** What you have to do **
Take the lines from the head of the listing through the one bearing "GHz (marker M2)" and copy them exactly, leaving every picture out.
[[ Data provided open ]]
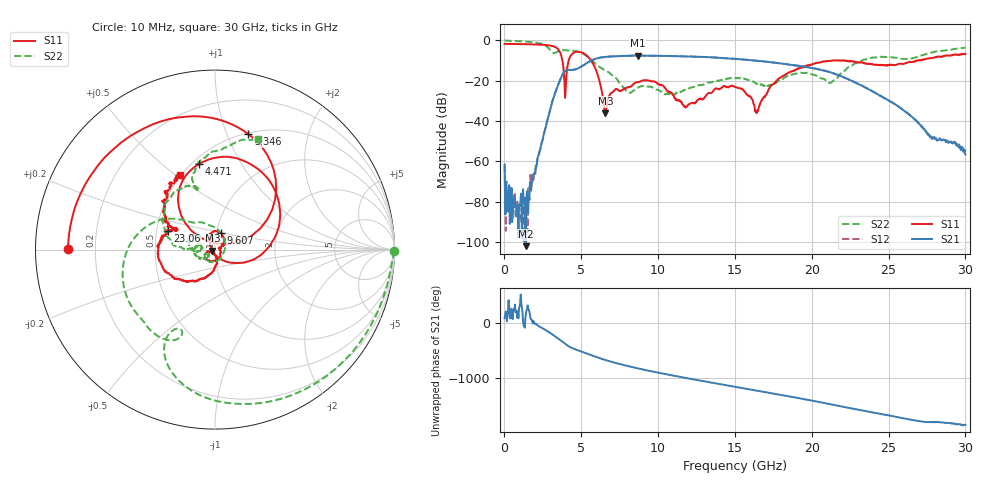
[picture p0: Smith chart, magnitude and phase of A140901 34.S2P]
!  2-Port S-parameters saved by WinCal
! VAR MeasName=S-Parameters (CALIBRATED_DATA) read from VNA (N5244A)
! VAR MeasDate=11/3/2014 9:33:10 AM
! VAR NAME=A140901 34
! VAR FILENAME=A140901 34.S2P
! VAR DATE=11/3/2014 9:33:10 AM
! VAR PHYS_PORTS=1,2
# Hz S RI R 50
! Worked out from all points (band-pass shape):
!   801 points, 10 MHz to 30 GHz, reference 50 ohm
!   highest |S21| = -7.51 dB at 8.67 GHz (marker M1); lowest = -102.0 dB at 1.397 GHz (marker M2)
!   |S21| within 3 dB of the highest: 5.522 GHz to 16.98 GHz (11.46 GHz wide, 102 % of centre)
!   lowest |S11| = -36.1 dB at 6.57 GHz (marker M3), VSWR 1.03, Z = 48.6 - j0.658 ohm
!   |S11| at or under -10 dB: 3.77 GHz to 4.178 GHz (408.2 MHz wide, 10.3 % of centre); 5.637 GHz to 21.36 GHz (15.72 GHz wide, 116 % of centre); 22.12 GHz to 26.84 GHz (4.725 GHz wide, 19.3 % of centre)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
!   |S22| runs from -27.4 to 0.0 dB; largest |S21 - S12| = 0.0029
!   S11 on the Smith chart (normalised r, x): 10 MHz: 0.10, +0.00; 3.346 GHz: 0.51, +1.19; 4.471 GHz: 0.54, +0.67; 9.607 GHz: 1.05, +0.19; 23.06 GHz: 0.58, +0.13; 30 GHz: 0.49, +0.52
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1e7  -0.8185 0.00278  1.63e-06 0.000838  -0.00078 -0.000268  0.9971 -0.00862
3.473875e8  -0.8087 0.1133  -2.01e-05 2.01e-05  -0.000104 0.000138  0.952 -0.2216
1.397038e9  -0.6772 0.4338  -7.88e-06 1.09e-06  7.11e-05 -9.76e-05  0.5801 -0.7333
3.346388e9  0.1853 0.6438  -0.0177 0.0532  -0.0178 0.0531  -0.1828 -0.468
3.946188e9  0.0202 0.0318  0.1656 -0.0521  0.1653 -0.0515  -0.3749 -0.4315
4.471012e9  -0.0912 0.476  -0.0459 -0.181  -0.0451 -0.1803  -0.4903 -0.2644
5.033325e9  0.2768 0.4149  -0.2179 -0.0673  -0.2177 -0.0681  -0.4866 0.00136
5.895538e9  0.2016 -0.0606  -0.1137 0.3271  -0.115 0.3275  -0.2072 0.1703
6.570312e9  -0.0142 -0.00676  0.2728 0.2772  0.2729 0.2772  -0.0962 0.1509
8.669612e9  -0.0264 0.0888  -0.1238 -0.4024  -0.1236 -0.4016  0.00242 -0.066
9.6068e9  0.034 0.0912  -0.3983 -0.1173  -0.3966 -0.1178  -0.0565 -0.0414
1.001916e10  0.0473 0.0673  -0.4121 0.0497  -0.4104 0.0489  -0.054 -0.026
1.181856e10  0.0222 0.00506  0.095 0.3899  0.0957 0.3897  -0.0413 -0.0434
1.331806e10  0.0302 -0.0397  0.3842 -0.00531  0.3842 -0.00517  -0.0748 -0.0522
1.5005e10  -0.0539 -0.045  0.0295 -0.347  0.0291 -0.3472  -0.1157 -0.00976
1.642952e10  -0.0122 -0.0101  -0.2844 -0.1274  -0.285 -0.1287  -0.0798 0.0232
1.785405e10  -0.00391 -0.1126  -0.1858 0.1992  -0.1869 0.1988  -0.1007 -0.0133
2.002832e10  -0.1932 -0.1662  0.1921 0.0759  0.1928 0.0765  -0.115 0.0831
2.122792e10  -0.2997 -0.074  0.1146 -0.1135  0.1146 -0.1131  -0.0816 0.0389
2.306481e10  -0.2611 0.102  -0.0684 -0.0457  -0.0681 -0.0463  -0.2789 0.1005
2.501416e10  -0.212 0.1144  -0.0116 0.0302  -0.0119 0.0301  -0.1602 0.3554
3e10  -0.1969 0.4175  0.000649 -0.00134  0.000637 -0.00186  0.2375 0.6177
[[ Data provided closed ]]
** Exercise answer **
[picture p0: Smith chart, magnitude and phase of A140901 34.S2P]
!  2-Port S-parameters saved by WinCal
! VAR MeasName=S-Parameters (CALIBRATED_DATA) read from VNA (N5244A)
! VAR MeasDate=11/3/2014 9:33:10 AM
! VAR NAME=A140901 34
! VAR FILENAME=A140901 34.S2P
! VAR DATE=11/3/2014 9:33:10 AM
! VAR PHYS_PORTS=1,2
# Hz S RI R 50
! Worked out from all points (band-pass shape):
!   801 points, 10 MHz to 30 GHz, reference 50 ohm
!   highest |S21| = -7.51 dB at 8.67 GHz (marker M1); lowest = -102.0 dB at 1.397 GHz (marker M2)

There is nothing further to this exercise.